I have written such code to achieve this goal using AsyncAwaitBestPractices, System.Threading.Tasks.Dataflow and System.Linq.Async nuget packages:
public static async IAsyncEnumerable<T> ExecuteSimultaneouslyAsync<T>(
this IEnumerable<IAsyncEnumerable<T>> sources,
int outputQueueCapacity = 1,
TaskScheduler scheduler = null)
{
var sourcesCount = sources.Count();
var channel = outputQueueCapacity > 0
? Channel.CreateBounded<T>(sourcesCount)
: Channel.CreateUnbounded<T>();
sources.AsyncParallelForEach(
async body =>
{
await foreach (var item in body)
{
await channel.Writer.WaitToWriteAsync();
await channel.Writer.WriteAsync(item);
}
},
maxDegreeOfParallelism: sourcesCount,
scheduler: scheduler)
.ContinueWith(_ => channel.Writer.Complete())
.SafeFireAndForget();
while (await channel.Reader.WaitToReadAsync())
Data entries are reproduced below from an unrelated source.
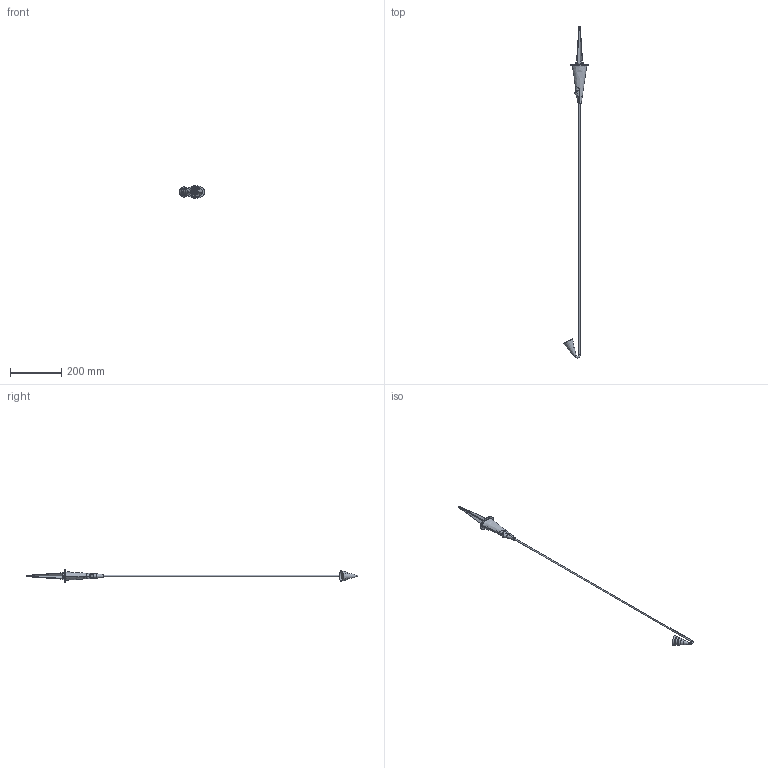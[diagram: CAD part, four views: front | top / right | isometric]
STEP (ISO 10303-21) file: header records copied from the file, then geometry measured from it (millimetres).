
FILE_DESCRIPTION( ( 'Unknown' ), '1' );
FILE_NAME( 'C:/Users/id1/Desktop/Marga/4625.stp', 'Unknown', ( 'Unknown' ), ( 'Unknown' ), 'PSStep 13.0', 'Unknown', ' ' );
FILE_SCHEMA( ( 'AUTOMOTIVE_DESIGN { 1 0 10303 214 1 1 1 1 }' ) );
Length unit declared in the file: millimetre
Products named in the file (15): 1; 2; 3; 4; 5; 6; 7; 8; 9; 10; 11; 12; 13; 14; 15
Bounding box: 98.33 x 1290.98 x 48.71 mm (x, y, z)
Volume: 49575.7 mm3; surface area: 101527.8 mm2
Topology: 9 solids, 62 shells, 386 faces, 1038 edges, 731 vertices
Faces by surface type: plane 249, cylinder 85, bspline 29, cone 18, torus 3, sphere 1, extrusion 1
Full cylindrical faces by diameter (mm): 2.459 x2, 3.242 x2, 4 x2, 4.25 x2, 5 x4, 5.3 x2, 5.5 x2, 6 x4, 6.5 x2, 8.5 x2, 11 x2, 13 x1, 31.5 x1
Entity records: 24802 total; most frequent: CARTESIAN_POINT 10969, DIRECTION 1784, ORIENTED_EDGE 1718, EDGE_CURVE 962, PRESENTATION_STYLE_ASSIGNMENT 787, COLOUR_RGB 787, VERTEX_POINT 703, AXIS2_PLACEMENT_3D 643
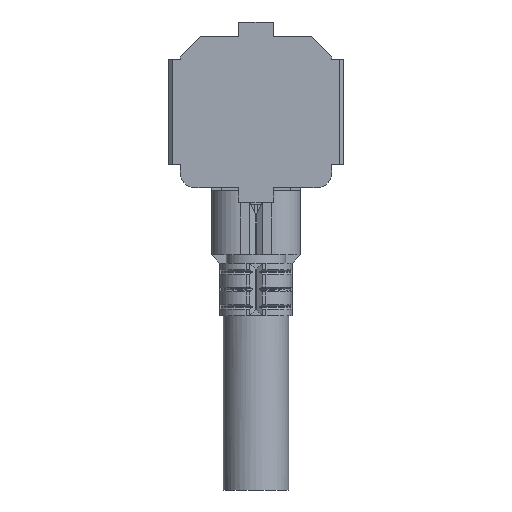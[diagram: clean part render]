
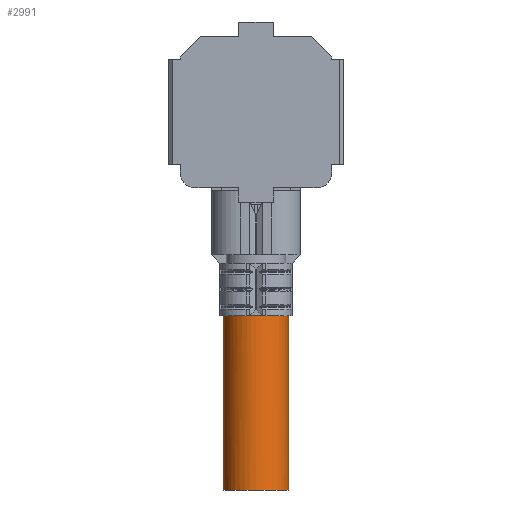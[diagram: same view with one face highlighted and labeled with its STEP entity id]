
A CAD part, front view. The second image highlights one B-rep face of the part: STEP entity #2991.
In plain terms, the highlighted cylindrical face has radius 0.565 mm (diameter 1.13 mm), a partial arc.
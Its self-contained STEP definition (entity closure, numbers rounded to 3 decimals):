
#93 = VECTOR ( 'NONE', #5178, 1000. ) ;
#110 = CARTESIAN_POINT ( 'NONE',  ( -0.565, 0.817, -8.5 ) ) ;
#279 = VERTEX_POINT ( 'NONE', #3874 ) ;
#346 = CARTESIAN_POINT ( 'NONE',  ( 0.159, 0.275, -3.5 ) ) ;
#492 = ORIENTED_EDGE ( 'NONE', *, *, #4981, .T. ) ;
#880 = CIRCLE ( 'NONE', #7744, 0.565 ) ;
#912 = DIRECTION ( 'NONE',  ( 0., 0., 1. ) ) ;
#977 = CARTESIAN_POINT ( 'NONE',  ( -0.565, 0.817, -6.5 ) ) ;
#2064 = DIRECTION ( 'NONE',  ( 0., 0., -1. ) ) ;
#2146 = EDGE_LOOP ( 'NONE', ( #8657, #9965, #9295, #492, #9774, #10432 ) ) ;
#2251 = DIRECTION ( 'NONE',  ( 0., 0., 1. ) ) ;
#2470 = AXIS2_PLACEMENT_3D ( 'NONE', #4101, #2251, #8916 ) ;
#2991 = ADVANCED_FACE ( 'NONE', ( #10284 ), #5200, .T. ) ;
#3201 = DIRECTION ( 'NONE',  ( 0., 0., -1. ) ) ;
#3247 = VERTEX_POINT ( 'NONE', #977 ) ;
#3282 = AXIS2_PLACEMENT_3D ( 'NONE', #7764, #2064, #8722 ) ;
#3606 = EDGE_CURVE ( 'NONE', #10677, #6433, #880, .T. ) ;
#3695 = VERTEX_POINT ( 'NONE', #10924 ) ;
#3720 = CARTESIAN_POINT ( 'NONE',  ( 0., 0.817, -3.5 ) ) ;
#3874 = CARTESIAN_POINT ( 'NONE',  ( 0.565, 0.817, -6.5 ) ) ;
#3954 = VECTOR ( 'NONE', #6785, 1000. ) ;
#4061 = AXIS2_PLACEMENT_3D ( 'NONE', #6634, #912, #7578 ) ;
#4101 = CARTESIAN_POINT ( 'NONE',  ( 0., 0.817, -8.5 ) ) ;
#4558 = CIRCLE ( 'NONE', #4712, 0.565 ) ;
#4681 = DIRECTION ( 'NONE',  ( -1., 0., 0. ) ) ;
#4712 = AXIS2_PLACEMENT_3D ( 'NONE', #3720, #10404, #4681 ) ;
#4981 = EDGE_CURVE ( 'NONE', #3695, #11608, #4558, .T. ) ;
#5178 = DIRECTION ( 'NONE',  ( 0., 0., 1. ) ) ;
#5200 = CYLINDRICAL_SURFACE ( 'NONE', #2470, 0.565 ) ;
#6190 = CARTESIAN_POINT ( 'NONE',  ( 0.565, 0.817, -8.5 ) ) ;
#6352 = CIRCLE ( 'NONE', #3282, 0.565 ) ;
#6433 = VERTEX_POINT ( 'NONE', #11488 ) ;
#6523 = LINE ( 'NONE', #110, #3954 ) ;
#6634 = CARTESIAN_POINT ( 'NONE',  ( 0., 0.817, -6.5 ) ) ;
#6785 = DIRECTION ( 'NONE',  ( 0., 0., 1. ) ) ;
#7578 = DIRECTION ( 'NONE',  ( 1., 0., 0. ) ) ;
#7744 = AXIS2_PLACEMENT_3D ( 'NONE', #8937, #3201, #9895 ) ;
#7764 = CARTESIAN_POINT ( 'NONE',  ( 0., 0.817, -3.5 ) ) ;
#7789 = EDGE_CURVE ( 'NONE', #3247, #279, #10076, .T. ) ;
#8366 = EDGE_CURVE ( 'NONE', #3247, #6433, #6523, .T. ) ;
#8642 = CARTESIAN_POINT ( 'NONE',  ( -0.159, 0.275, -3.5 ) ) ;
#8657 = ORIENTED_EDGE ( 'NONE', *, *, #8366, .F. ) ;
#8722 = DIRECTION ( 'NONE',  ( -1., 0., 0. ) ) ;
#8807 = EDGE_CURVE ( 'NONE', #279, #3695, #9927, .T. ) ;
#8916 = DIRECTION ( 'NONE',  ( 1., 0., 0. ) ) ;
#8937 = CARTESIAN_POINT ( 'NONE',  ( 0., 0.817, -3.5 ) ) ;
#9139 = EDGE_CURVE ( 'NONE', #11608, #10677, #6352, .T. ) ;
#9295 = ORIENTED_EDGE ( 'NONE', *, *, #8807, .T. ) ;
#9774 = ORIENTED_EDGE ( 'NONE', *, *, #9139, .T. ) ;
#9895 = DIRECTION ( 'NONE',  ( -1., 0., 0. ) ) ;
#9927 = LINE ( 'NONE', #6190, #93 ) ;
#9965 = ORIENTED_EDGE ( 'NONE', *, *, #7789, .T. ) ;
#10076 = CIRCLE ( 'NONE', #4061, 0.565 ) ;
#10284 = FACE_OUTER_BOUND ( 'NONE', #2146, .T. ) ;
#10404 = DIRECTION ( 'NONE',  ( 0., 0., -1. ) ) ;
#10432 = ORIENTED_EDGE ( 'NONE', *, *, #3606, .T. ) ;
#10677 = VERTEX_POINT ( 'NONE', #8642 ) ;
#10924 = CARTESIAN_POINT ( 'NONE',  ( 0.565, 0.817, -3.5 ) ) ;
#11488 = CARTESIAN_POINT ( 'NONE',  ( -0.565, 0.817, -3.5 ) ) ;
#11608 = VERTEX_POINT ( 'NONE', #346 ) ;

yield return await channel.Reader.ReadAsync();
}
public static async Task AsyncParallelForEach<T>(
this IEnumerable<T> source,
Func<T, Task> body,
int maxDegreeOfParallelism = DataflowBlockOptions.Unbounded,
TaskScheduler scheduler = null)
{
var options = new ExecutionDataflowBlockOptions
{
MaxDegreeOfParallelism = maxDegreeOfParallelism
};
if (scheduler != null)
options.TaskScheduler = scheduler;
var block = new ActionBlock<T>(body, options);
foreach (var item in source)
block.Post(item);
block.Complete();
await block.Completion;
}
This code works fine until two or more sources throws exception. It leeds to situation when second exception can not be handled and crushes application in some cases.
So I wonder if there is better way to consume data from several IAsyncEnumerable sources in parallel manner?
Keeping a pipeline running in case of exceptions is extremely difficult whether it's a functional or CSP pipeline. In most cases a pipeline will need to keep working even in case of individual message failures. A failing message doesn't mean the entire pipeline has failed.
That's why Railway-oriented programming is used to wrap messages and errors into Result<TOk,TError>
wrappers and "redirect" or ignore error messages. Such a class makes programming Dataflow, Channels and IAsyncEnumerable pipelines a lot easier.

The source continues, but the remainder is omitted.